The only place we have visited since my last budget to you was Port Essington, a military post which has been an object of much attention for some time past in connection with the steam navigation between Sydney and India. It is about the most useless, miserable, ill-managed hole in Her Majesty’s dominions. Placed fifteen miles inland on the swampy banks of an estuary out of reach of the sea breezes, it is the most insufferably hot and enervating place imaginable. The temperature of the water alongside the ship was from 88 to 90, i.e. about that of a moderately warm bath, so that you may fancy what it is on land. Added to this, the commandant is a litigious old fool, always at war with his officers, and endeavouring to make the place as much of a hell morally as it is physically. Little more than two years ago a detachment of sixty men came out to the settlement. At the parade on the Sunday I was there; there were just ten men present. The rest were invalided, dead, or sick. I have no hesitation in saying that half of this was the result of ill-management. The climate in itself is not particularly unhealthy. We were all glad to get away from the place.
[Another is to his sister, under date Sydney, March 14, 1849:—]

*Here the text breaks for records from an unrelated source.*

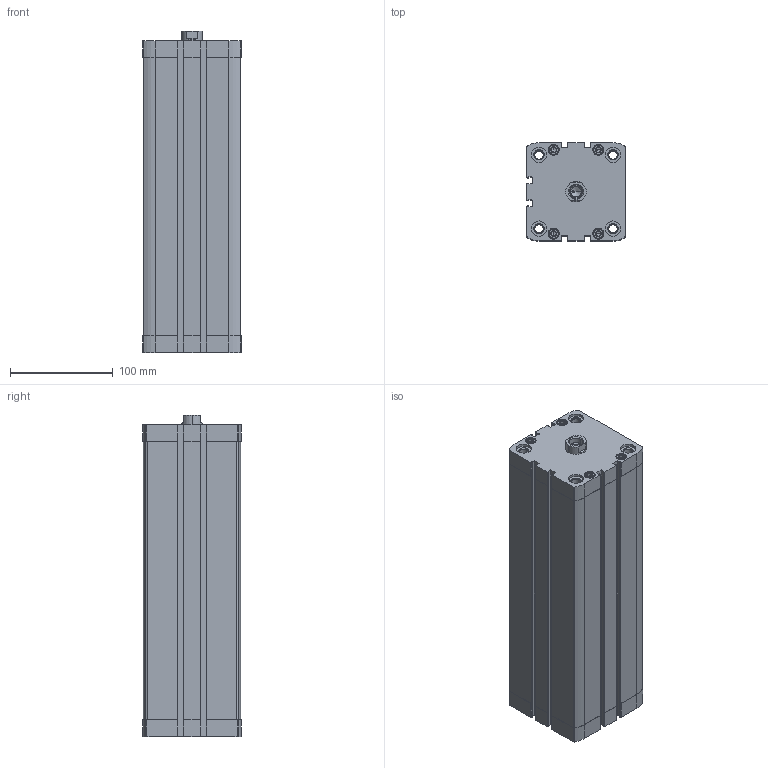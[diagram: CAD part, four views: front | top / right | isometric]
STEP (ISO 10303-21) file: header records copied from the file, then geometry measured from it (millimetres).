
FILE_DESCRIPTION (( 'STEP AP203' ), '1' );
FILE_NAME ('CCN80-250F.STEP', '2017-04-05T19:56:38', ( '' ), ( '' ), 'SwSTEP 2.0', 'SolidWorks 2016', '' );
FILE_SCHEMA (( 'CONFIG_CONTROL_DESIGN' ));
Length unit declared in the file: millimetre
Products named in the file (3): CCN-250---(Z); CCN-250_(KS); CCN80-250F
Assembly tree (2 placements, depth 2):
  CCN80-250F
    CCN-250---(Z)
    CCN-250_(KS)
Bounding box: 95.5 x 95.5 x 312.9 mm (x, y, z)
Volume: 1417732.1 mm3; surface area: 300896.1 mm2
Topology: 2 solids, 2 shells, 487 faces, 1230 edges, 777 vertices
Faces by surface type: plane 227, cylinder 186, cone 74
Entity records: 15261 total; most frequent: CARTESIAN_POINT 3031, DIRECTION 2612, ORIENTED_EDGE 2424, EDGE_CURVE 1212, AXIS2_PLACEMENT_3D 974, VERTEX_POINT 777, VECTOR 664, LINE 664
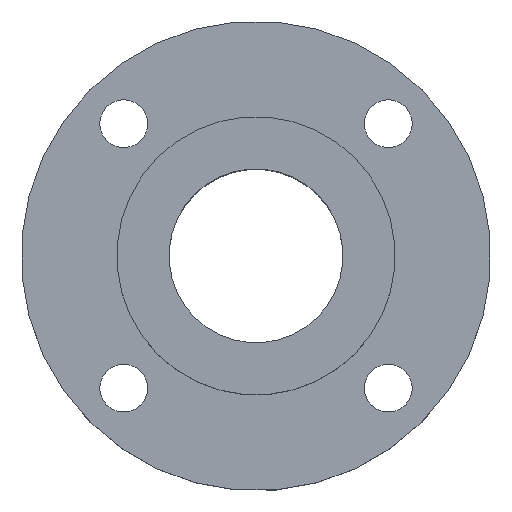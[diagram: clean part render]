
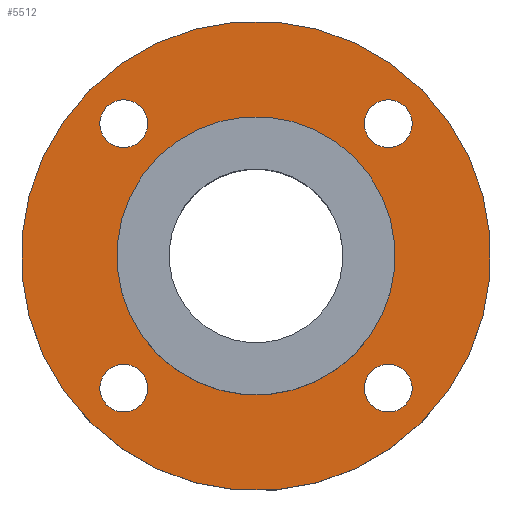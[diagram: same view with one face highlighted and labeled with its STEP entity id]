
A CAD part, top view. The second image highlights one B-rep face of the part: STEP entity #5512.
In plain terms, the highlighted planar face has unit normal (0, 0, 1).
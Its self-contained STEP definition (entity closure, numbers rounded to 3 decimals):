
#112=CIRCLE('',#5863,16.);
#116=CIRCLE('',#5871,27.);
#117=CIRCLE('',#5873,2.75);
#118=CIRCLE('',#5874,2.75);
#119=CIRCLE('',#5875,2.75);
#120=CIRCLE('',#5876,2.75);
#510=ORIENTED_EDGE('',*,*,#2088,.F.);
#511=ORIENTED_EDGE('',*,*,#2089,.F.);
#512=ORIENTED_EDGE('',*,*,#2090,.F.);
#513=ORIENTED_EDGE('',*,*,#2091,.F.);
#514=ORIENTED_EDGE('',*,*,#2083,.T.);
#515=ORIENTED_EDGE('',*,*,#2087,.T.);
#2083=EDGE_CURVE('',#2875,#2875,#112,.F.);
#2087=EDGE_CURVE('',#2879,#2879,#116,.T.);
#2088=EDGE_CURVE('',#2880,#2880,#117,.T.);
#2089=EDGE_CURVE('',#2881,#2881,#118,.T.);
#2090=EDGE_CURVE('',#2882,#2882,#119,.T.);
#2091=EDGE_CURVE('',#2883,#2883,#120,.T.);
#2875=VERTEX_POINT('',#8758);
#2879=VERTEX_POINT('',#8770);
#2880=VERTEX_POINT('',#8773);
#2881=VERTEX_POINT('',#8775);
#2882=VERTEX_POINT('',#8777);
#2883=VERTEX_POINT('',#8779);
#4507=EDGE_LOOP('',(#510));
#4508=EDGE_LOOP('',(#511));
#4509=EDGE_LOOP('',(#512));
#4510=EDGE_LOOP('',(#513));
#4511=EDGE_LOOP('',(#514));
#4512=EDGE_LOOP('',(#515));
#4911=FACE_BOUND('',#4507,.T.);
#4912=FACE_BOUND('',#4508,.T.);
#4913=FACE_BOUND('',#4509,.T.);
#4914=FACE_BOUND('',#4510,.T.);
#4915=FACE_BOUND('',#4511,.T.);
#4916=FACE_BOUND('',#4512,.T.);
#5258=PLANE('',#5872);
#5512=ADVANCED_FACE('',(#4911,#4912,#4913,#4914,#4915,#4916),#5258,.T.);
#5863=AXIS2_PLACEMENT_3D('',#8757,#6369,#6370);
#5871=AXIS2_PLACEMENT_3D('',#8769,#6385,#6386);
#5872=AXIS2_PLACEMENT_3D('',#8771,#6387,#6388);
#5873=AXIS2_PLACEMENT_3D('',#8772,#6389,#6390);
#5874=AXIS2_PLACEMENT_3D('',#8774,#6391,#6392);
#5875=AXIS2_PLACEMENT_3D('',#8776,#6393,#6394);
#5876=AXIS2_PLACEMENT_3D('',#8778,#6395,#6396);
#6369=DIRECTION('',(0.,0.,1.));
#6370=DIRECTION('',(0.707,-0.707,0.));
#6385=DIRECTION('',(0.,0.,1.));
#6386=DIRECTION('',(0.707,-0.707,0.));
#6387=DIRECTION('',(0.,0.,1.));
#6388=DIRECTION('',(0.707,-0.707,0.));
#6389=DIRECTION('',(0.,0.,1.));
#6390=DIRECTION('',(0.707,-0.707,0.));
#6391=DIRECTION('',(0.,0.,1.));
#6392=DIRECTION('',(0.707,-0.707,0.));
#6393=DIRECTION('',(0.,0.,1.));
#6394=DIRECTION('',(0.707,-0.707,0.));
#6395=DIRECTION('',(0.,0.,1.));
#6396=DIRECTION('',(0.707,-0.707,0.));
#8757=CARTESIAN_POINT('',(0.,0.,0.));
#8758=CARTESIAN_POINT('',(11.314,-11.314,0.));
#8769=CARTESIAN_POINT('',(0.,0.,0.));
#8770=CARTESIAN_POINT('',(19.092,-19.092,0.));
#8771=CARTESIAN_POINT('',(0.,0.,0.));
#8772=CARTESIAN_POINT('',(15.203,15.203,0.));
#8773=CARTESIAN_POINT('',(17.147,13.258,0.));
#8774=CARTESIAN_POINT('',(-15.203,15.203,0.));
#8775=CARTESIAN_POINT('',(-13.258,13.258,0.));
#8776=CARTESIAN_POINT('',(-15.203,-15.203,0.));
#8777=CARTESIAN_POINT('',(-13.258,-17.147,0.));
#8778=CARTESIAN_POINT('',(15.203,-15.203,0.));
#8779=CARTESIAN_POINT('',(17.147,-17.147,0.));

By the way, I may as well give you a short account of our cruise. We started from here last May to survey what is called the inner passage to India. You must know that the east coast of Australia has running parallel to it at distances of from five miles to seventy or eighty an almost continuous line of coral reefs, the Great Barrier as it is called. Outside this line is the great Pacific, inside is a space varying in width as above, and cut up by little islands and detached reefs. Now to get to India from Sydney, ships must go either inside or outside the Great Barrier. The inside passage has been called the Inner Route in consequence of its desirability for steamers, and our business has been to mark out this Inner Route safely and clearly among the labyrinth-like islands and reefs within the Barrier. And a parlous dull business it was for those who, like myself, had no necessary and constant occupation. Fancy for five mortal months shifting from patch to patch of white sand in latitude from 17 to 10 south, living on salt pork and beef, and seeing no mortal face but our own sweet countenances considerably obscured by the long beard and moustaches with which, partly from laziness and partly from comfort, we had become adorned. I cultivated a peak in Charles I style, which imparted a remarkably peculiar and triste expression to my sunburnt phiz, heightened by the fact that the aforesaid beard was, I regret to say it, of a very questionable auburn—my messmates called it red.